Esslinger Klinikum: Explosiver Fund in Krankenhausapotheke löst Großeinsatz aus

Wegen Gefahrstoffen war die Feuerwehr am Klinikum in Esslingen im Einsatz. (Symbolfoto)
Julian Stratenschulte/dpa- Großeinsatz in Esslingen: In der Krankenhausapotheke wurden explosive Chemikalien entdeckt.
- Polizei, Feuerwehr und Sprengmittelräumdienst rückten an – Gefahr für Patienten bestand nicht.
- Zwei alte Reagenzien mit Explosivstoff lagen seit etwa 15 Jahren ungenutzt in der Apotheke.
- Die Substanz war in der Histologie genutzt, wird aber nicht mehr angewandt und wurde entsorgt.
- Anlass war eine interne Bestandsprüfung nach Berichten über ähnliche Funde in Kliniken.
Die Zusammenfassung wurde durch künstliche Intelligenz erstellt.
Wegen explosiver Gefahrstoffe hat es am Donnerstag einen Großeinsatz von Feuerwehr, Rettungskräften und Polizei am Klinikum Esslingen gegeben. „Weil es zuletzt mehrere Meldungen über vergessene und gefährliche Chemikalien in Krankenhausapotheken gab, hat unser Team die eigenen Altbestände überprüft“, sagt Anja Dietze, die Pressesprecherin des Klinikums.
Wegen eines alten Restes Pikrinsäure musste zum Beispiel am 13. August der Sprengmittelräumdienst in die Helios-Klinik in Rottweil ausrücken – darüber berichtete die die ARD in der Tagesschau sogar bundesweit.

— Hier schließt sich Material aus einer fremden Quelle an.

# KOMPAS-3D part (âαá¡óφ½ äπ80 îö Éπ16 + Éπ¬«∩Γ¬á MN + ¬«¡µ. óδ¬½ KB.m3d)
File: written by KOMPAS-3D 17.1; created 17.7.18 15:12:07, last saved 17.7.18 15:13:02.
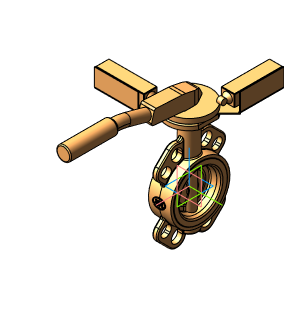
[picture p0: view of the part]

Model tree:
1. Операция без истории:2  (labels: Сталь 20  ГОСТ 1050-2013)

In der Helios-Klinik Rottweil rückten am 13. August der Kampfmittelräumdienst und die Feuerwehr an, um einen möglicherweise explosiven Gefahrenstoff zu beseitigen. Foto: Silas Stein/dpa
Silas Stein/dpaAuch in der Esslinger Krankenhausapotheke wurden die Pharmazeuten fündig. Das große Aufgebot von Polizei, Feuerwehr und Sprengmittelräumdienst sorgte im Klinikum an der Hirschlandstraße zwar für Aufsehen. „Eine Gefahr für Patienten oder Personal bestand aber zu keiner Zeit.“
Gefahrstoffe in Esslingen wurden seit 15 Jahren nicht mehr benutzt
Bei der gezielten Suche in der Esslinger Krankenhausapotheke tauchten zwei Reagenzien mit explosiven Gefahrstoffen auf, die seit circa 15 Jahren nicht mehr benutzt worden waren. „Die Laborreagenz wurde in der Diagnostik eingesetzt“, sagt Anja Dietze. Dieses Verfahren wurde in der Histologie eingesetzt, um Tumore oder Entzündungen zu diagnostizieren: „Es wird aber schon lange nicht mehr angewandt.“
Zwar sei die Substanz nicht gefährlich, „wenn man nicht am Behälter rüttelt oder den Deckel abnimmt“. Bei Erschütterungen bestehe aber dennoch die Möglichkeit, dass die Chemikalie explodiere. In Abstimmung mit Polizei und Feuerwehr habe man deshalb den Sprengmittelräumdienst hinzugezogen, der die Gefahrenstoffe professionell entsorgte.
Zieht das Klinikum aus dem Gefahrstofffund Lehren? „Die Bestände der Krankenhausapotheke werden in regelmäßigen Abständen umfassend kontrolliert“, sagt die Sprecherin Dietze. Im vorliegenden Fall habe man dabei die Laborsubstanz wohl übersehen, weil sie schon lange nicht mehr eingesetzt werde.